NVlabs / imaginaire

NVIDIA's Deep Imagination Team's PyTorch Library
Other
3.99k stars 444 forks source link

[wc_vid2vid] Style in the result suddenly changes #47

Closed lizuoyue closed 3 years ago

lizuoyue commented 3 years ago

Thanks for sharing the code of the amazing work. Currently, I have used it for training a model on our own dataset but am now facing some problems.

I simply create a small training set of around 50 samples and test on the training set just for learning to run the code and making it overfit. The training starts with the provided pre-trained checkpoint. The overall video generated is good except for the first two frames.

stuttgart_00_000000_000000_leftImg8bit stuttgart_00_000000_000001_leftImg8bit stuttgart_00_000000_000002_leftImg8bit stuttgart_00_000000_000003_leftImg8bit

These are the first 4 frames of a video generated. You can find that the 3rd and 4th frames overfit the ground truth very well but the 1st and 2nd frames seem like being generated by the original checkpoint (model).

Here are my questions: (1) Does anyone have an idea why this happens? Actually, I modified the code a little bit, but I am not sure whether this is the reason. What I modified is line 61 of https://github.com/NVlabs/imaginaire/blob/master/imaginaire/generators/wc_vid2vid.py, as originally Python raises an error that self.gen_cfg.single_image_model does not have attribute checkpoint. From the config file https://github.com/NVlabs/imaginaire/blob/master/configs/projects/wc_vid2vid/cityscapes/seg_ampO1.yaml, we can see that single_image_model does not have an attribute called checkpoint, either. Thus I simply set load_weights = False.

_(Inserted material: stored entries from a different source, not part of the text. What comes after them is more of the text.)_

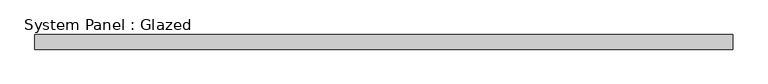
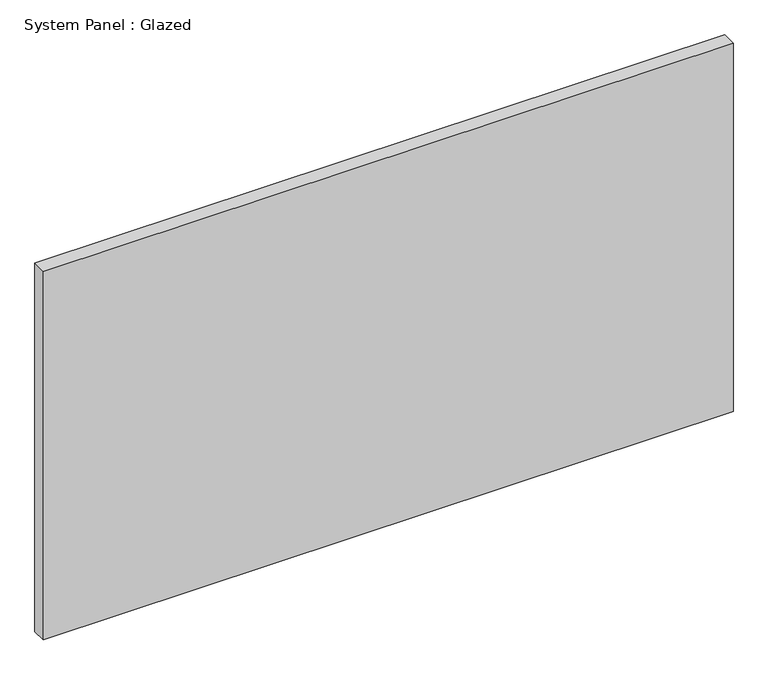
"""IFC4 building model written with IfcOpenShell, lengths in millimetres: plate geometry, System Panel : Glazed."""

from ifc_helpers import new_model, si_unit, origin, origin_with_axes, place, context, project, spatial, polyline, outline, extrude, source, transform, mapped, element, save


def system_panel_glazed_89292151(model_context):
    return source(origin(), model_context, "Body", "SweptSolid", [
        extrude(outline(polyline([(597.3125, -49.5), (-597.3125, -49.5), (-597.3125, -24.5), (597.3125, -24.5), (597.3125, -49.5)])), origin_with_axes(), (0.0, 0.0, 1.0), 675.0),
    ])


if __name__ == "__main__":
    model = new_model("IFC4")
    model_context = context("Model", 3, world=origin())
    ifc_project = project(units=[si_unit("LENGTHUNIT", "METRE", prefix="MILLI")], contexts=[model_context])
    site = spatial("IfcSite", under=ifc_project)
    building = spatial("IfcBuilding", under=site)
    placement = place(None, origin())
    system_panel_glazed_shape = system_panel_glazed_89292151(model_context)
    element("IfcPlate", 1, ObjectType="System Panel : Glazed", at=placement, inside=building, context=model_context, shape_type="MappedRepresentation", body=[
        mapped(system_panel_glazed_shape, transform((0.0, 0.0, 0.0), x_axis=(1.0, 0.0, 0.0), y_axis=(0.0, 1.0, 0.0), z_axis=(0.0, 0.0, 1.0))),
    ])
    save(model, "model.ifc")

(2) Also, it seems that the final generated output does not use (copy) the original color from the guidance image at all, like letting the network generate the color of every pixel, am I wrong?

(3) Are depth images required for training/test? My dataset does not have depth images but there is no error running the code.

Look forward to receiving your reply. Thank you very much and wish you a happy new year.

arunmallya commented 3 years ago

Hi,

Let me explain how exactly the method is supposed to work: i) The network uses 3 conditioning maps - segmentation, optical flow-warped previous output, and guidance maps. (Note that the https://github.com/NVlabs/imaginaire/blob/master/configs/projects/wc_vid2vid/cityscapes/seg_ampO1.yaml config does not use depth maps). At time T, the optical flow is predicted using the frames outputted at times T-1 and T-2. ii) For the first two frames, we do not have optical flow predictions. For the first frame, we do not have guidance maps. We thus use a pretrained model that predicts output images from segmentation maps only for the first two frames (this is referred to as single_image_model). For every following frame, we use the 3 conditioning maps. iii) In our final checkpoint, the single_image_model is packaged into the provided checkpoint, while we loaded it from a different location during training.

As for your questions: (1) I'm not sure if you finetuned the single_image_model. As a result, it might be using the model provided with the checkpoint. I believe that's the case. The first two images you showed look like they are of the "cityscapes" style. (2) The 3 conditioning map model probably just overfits to your dataset after finetuning. At that point, it can choose to completely ignore the guidance maps. (3) The config used does not need depth maps.

If you are loading our pretrained checkpoint and finetuning it, the single_image_model will not be None and the error you received shouldn't occur. Otherwise the same error would occur during our eval scripts. So I suspect some edits you made probably set single_image_model to None after loading the pretrained checkpoint.